SUPPLIED INFORMATION =
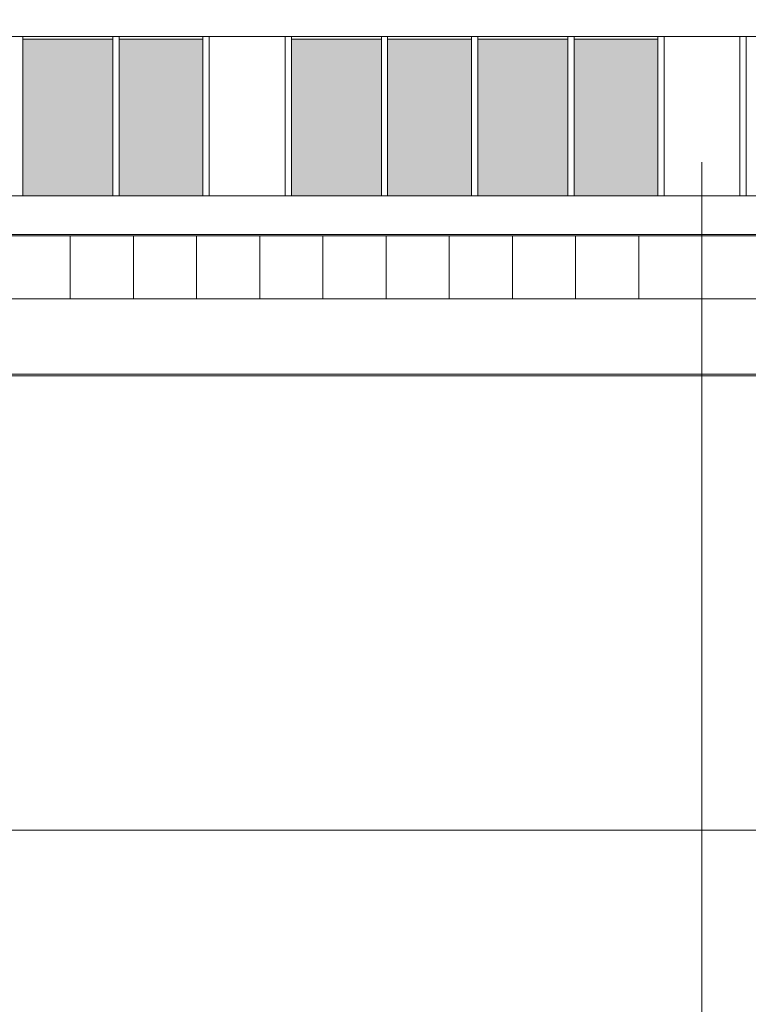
# Model space of a CAD drawing. Header units: millimetres. Extents: x -526411 to -400573, y 47353 to 130199.
# Tile 531 of 543: x -442410 to -436643, y 95058 to 102857. Entities that reach past the tile are written whole.
import ezdxf

# ---------------------------------------------------------------- set-up
doc = ezdxf.new("R2010")
doc.units = ezdxf.units.MM
for name, color, linetype, lineweight in [('01_ALGEMEEN', 7, 'Continuous', 18), ('18_BESTAANDE_CONSTRUCTIE', 7, 'Continuous', 18), ('HATCH_REACTORS', 7, 'Continuous', 18), ('m-pg-03_AI_dwg', 8, 'Continuous', 18)]:
    doc.layers.add(name, color=color, linetype=linetype, lineweight=lineweight)

# ---------------------------------------------------------------- blocks, each defined once
blk = doc.blocks.new('m-pg-03_AI_dwg_block 2132-641099-3e Verdieping - Percelen telling LI')
at = {"layer": '01_ALGEMEEN', "color": 133, "flags": 128}
blk.add_lwpolyline([(98.7, 1350.38), (1317.45, 1350.38), (1317.45, 776.56), (-133.09, 776.56)], dxfattribs=at)
blk = doc.blocks.new('m-pg-03_AI_dwg_block 2005-641148-3e Verdieping - Percelen telling LI')
blk.add_blockref('m-pg-03_AI_dwg_block 2132-641099-3e Verdieping - Percelen telling LI', (0, 0))
blk = doc.blocks.new('m-pg-03_AI_dwg_block 2-641149-3e Verdieping - Percelen telling LI')
blk.add_blockref('m-pg-03_AI_dwg_block 2005-641148-3e Verdieping - Percelen telling LI', (0, 0))
blk = doc.blocks.new('m-pg-03_AI_dwg_block 2548-641517-3e Verdieping - Percelen telling LI')
at = {"layer": '01_ALGEMEEN', "color": 133}
blk.add_open_spline([(1342.67, 683.03), (1342.67, 683.03), (-114.81, 682.91), (-114.81, 682.91)], degree=3, dxfattribs=at)
blk = doc.blocks.new('m-pg-03_AI_dwg_block 2552-641521-3e Verdieping - Percelen telling LI')
at = {"layer": '01_ALGEMEEN', "color": 213, "lineweight": 13}
blk.add_line((-149.82, 656.17), (1518.09, 656.17), dxfattribs=at)
blk = doc.blocks.new('m-pg-03_AI_dwg_block 2559-641528-3e Verdieping - Percelen telling LI')
at = {"layer": '01_ALGEMEEN', "color": 133, "flags": 128}
blk.add_lwpolyline([(-235.76, -339.14), (-202.95, -257.9), (1518.31, -953.01), (1518.31, 1015.4), (1317.45, 1015.4), (1317.45, 706), (-130.31, 706), (-507.88, -229.19)], dxfattribs=at)
blk = doc.blocks.new('m-pg-03_AI_dwg_block 2663-641632-3e Verdieping - Percelen telling LI')
at = {"layer": '01_ALGEMEEN'}
blk.add_hatch(color=10, dxfattribs=at).paths.add_polyline_path([(1281.88, 719.73), (1281.88, 775.62), (1252.04, 775.62), (1252.04, 719.73)], flags=0)
at = {"layer": '01_ALGEMEEN', "color": 133, "flags": 128}
blk.add_lwpolyline([(1281.88, 719.73), (1252.04, 719.73), (1252.04, 775.62), (1281.88, 775.62)], close=True, dxfattribs=at)
blk = doc.blocks.new('m-pg-03_AI_dwg_block 2664-641633-3e Verdieping - Percelen telling LI')
at = {"layer": '01_ALGEMEEN'}
blk.add_hatch(color=10, dxfattribs=at).paths.add_polyline_path([(1249.79, 719.73), (1249.79, 775.62), (1217.71, 775.62), (1217.71, 719.73)], flags=0)
at = {"layer": '01_ALGEMEEN', "color": 133, "flags": 128}
blk.add_lwpolyline([(1249.79, 719.73), (1217.71, 719.73), (1217.71, 775.62), (1249.79, 775.62)], close=True, dxfattribs=at)
blk = doc.blocks.new('m-pg-03_AI_dwg_block 2665-641634-3e Verdieping - Percelen telling LI')
at = {"layer": '01_ALGEMEEN'}
blk.add_hatch(color=10, dxfattribs=at).paths.add_polyline_path([(1215.46, 719.73), (1215.46, 775.62), (1185.62, 775.62), (1185.62, 719.73)], flags=0)
at = {"layer": '01_ALGEMEEN', "color": 133, "flags": 128}
blk.add_lwpolyline([(1215.46, 719.73), (1185.62, 719.73), (1185.62, 775.62), (1215.46, 775.62)], close=True, dxfattribs=at)
blk = doc.blocks.new('m-pg-03_AI_dwg_block 2666-641635-3e Verdieping - Percelen telling LI')
at = {"layer": '01_ALGEMEEN'}
blk.add_hatch(color=10, dxfattribs=at).paths.add_polyline_path([(1183.37, 719.73), (1183.37, 775.62), (1151.29, 775.62), (1151.29, 719.73)], flags=0)
at = {"layer": '01_ALGEMEEN', "color": 133, "flags": 128}
blk.add_lwpolyline([(1183.37, 719.73), (1151.29, 719.73), (1151.29, 775.62), (1183.37, 775.62)], close=True, dxfattribs=at)
blk = doc.blocks.new('m-pg-03_AI_dwg_block 2667-641636-3e Verdieping - Percelen telling LI')
at = {"layer": '01_ALGEMEEN'}
blk.add_hatch(color=10, dxfattribs=at).paths.add_polyline_path([(1119.76, 719.73), (1119.76, 775.62), (1089.93, 775.62), (1089.93, 719.73)], flags=0)
at = {"layer": '01_ALGEMEEN', "color": 133, "flags": 128}
blk.add_lwpolyline([(1119.76, 719.73), (1089.93, 719.73), (1089.93, 775.62), (1119.76, 775.62)], close=True, dxfattribs=at)
blk = doc.blocks.new('m-pg-03_AI_dwg_block 2675-641644-3e Verdieping - Percelen telling LI')
at = {"layer": '01_ALGEMEEN'}
blk.add_hatch(color=10, dxfattribs=at).paths.add_polyline_path([(1087.68, 719.73), (1087.68, 775.62), (1055.6, 775.62), (1055.6, 719.73)], flags=0)
at = {"layer": '01_ALGEMEEN', "color": 133, "flags": 128}
blk.add_lwpolyline([(1087.68, 719.73), (1055.6, 719.73), (1055.6, 775.62), (1087.68, 775.62)], close=True, dxfattribs=at)
blk = doc.blocks.new('m-pg-03_AI_dwg_block 2698-641667-3e Verdieping - Percelen telling LI')
at = {"layer": '01_ALGEMEEN', "color": 133, "flags": 128}
blk.add_lwpolyline([(-229.7, -341.59), (-199.34, -266.4), (1524.84, -962.69), (1524.84, 1015.4), (1317.45, 1015.4), (1317.45, 719.73), (-139.58, 719.73), (-520.61, -224.05)], dxfattribs=at)
blk = doc.blocks.new('m-pg-03_AI_dwg_block 2730-641698-3e Verdieping - Percelen telling LI')
at = {"layer": '01_ALGEMEEN', "color": 133}
blk.add_line((1311.15, 776.66), (1311.15, 719.61), dxfattribs=at)
blk = doc.blocks.new('m-pg-03_AI_dwg_block 2731-641699-3e Verdieping - Percelen telling LI')
at = {"layer": '01_ALGEMEEN', "color": 133}
blk.add_line((1313.4, 776.66), (1313.4, 719.61), dxfattribs=at)
blk = doc.blocks.new('m-pg-03_AI_dwg_block 2732-641700-3e Verdieping - Percelen telling LI')
at = {"layer": '01_ALGEMEEN', "color": 133}
blk.add_line((1284.13, 776.66), (1284.13, 719.61), dxfattribs=at)
blk = doc.blocks.new('m-pg-03_AI_dwg_block 2733-641701-3e Verdieping - Percelen telling LI')
at = {"layer": '01_ALGEMEEN', "color": 133}
blk.add_line((1281.88, 776.66), (1281.88, 719.61), dxfattribs=at)
blk = doc.blocks.new('m-pg-03_AI_dwg_block 2729-641702-3e Verdieping - Percelen telling LI')
for name in ['m-pg-03_AI_dwg_block 2733-641701-3e Verdieping - Percelen telling LI', 'm-pg-03_AI_dwg_block 2732-641700-3e Verdieping - Percelen telling LI', 'm-pg-03_AI_dwg_block 2730-641698-3e Verdieping - Percelen telling LI', 'm-pg-03_AI_dwg_block 2731-641699-3e Verdieping - Percelen telling LI']:
    blk.add_blockref(name, (0, 0))
blk = doc.blocks.new('m-pg-03_AI_dwg_block 2740-641708-3e Verdieping - Percelen telling LI')
at = {"layer": '01_ALGEMEEN', "color": 133}
blk.add_line((1149.04, 776.66), (1149.04, 719.61), dxfattribs=at)
blk = doc.blocks.new('m-pg-03_AI_dwg_block 2741-641709-3e Verdieping - Percelen telling LI')
at = {"layer": '01_ALGEMEEN', "color": 133}
blk.add_line((1151.29, 776.66), (1151.29, 719.61), dxfattribs=at)
blk = doc.blocks.new('m-pg-03_AI_dwg_block 2742-641710-3e Verdieping - Percelen telling LI')
at = {"layer": '01_ALGEMEEN', "color": 133}
blk.add_line((1122.02, 776.66), (1122.02, 719.61), dxfattribs=at)
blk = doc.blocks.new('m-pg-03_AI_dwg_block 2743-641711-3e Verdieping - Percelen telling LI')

TASK PROMPT = Using the records above, restate word for word the lines from the one with "each defined once" through the one with "682.91)], degree=3, dxfattribs=at)", both included.

RESPONSE TO THIS EXERCISE =
# ---------------------------------------------------------------- blocks, each defined once
blk = doc.blocks.new('m-pg-03_AI_dwg_block 2132-641099-3e Verdieping - Percelen telling LI')
at = {"layer": '01_ALGEMEEN', "color": 133, "flags": 128}
blk.add_lwpolyline([(98.7, 1350.38), (1317.45, 1350.38), (1317.45, 776.56), (-133.09, 776.56)], dxfattribs=at)
blk = doc.blocks.new('m-pg-03_AI_dwg_block 2005-641148-3e Verdieping - Percelen telling LI')
blk.add_blockref('m-pg-03_AI_dwg_block 2132-641099-3e Verdieping - Percelen telling LI', (0, 0))
blk = doc.blocks.new('m-pg-03_AI_dwg_block 2-641149-3e Verdieping - Percelen telling LI')
blk.add_blockref('m-pg-03_AI_dwg_block 2005-641148-3e Verdieping - Percelen telling LI', (0, 0))
blk = doc.blocks.new('m-pg-03_AI_dwg_block 2548-641517-3e Verdieping - Percelen telling LI')
at = {"layer": '01_ALGEMEEN', "color": 133}
blk.add_open_spline([(1342.67, 683.03), (1342.67, 683.03), (-114.81, 682.91), (-114.81, 682.91)], degree=3, dxfattribs=at)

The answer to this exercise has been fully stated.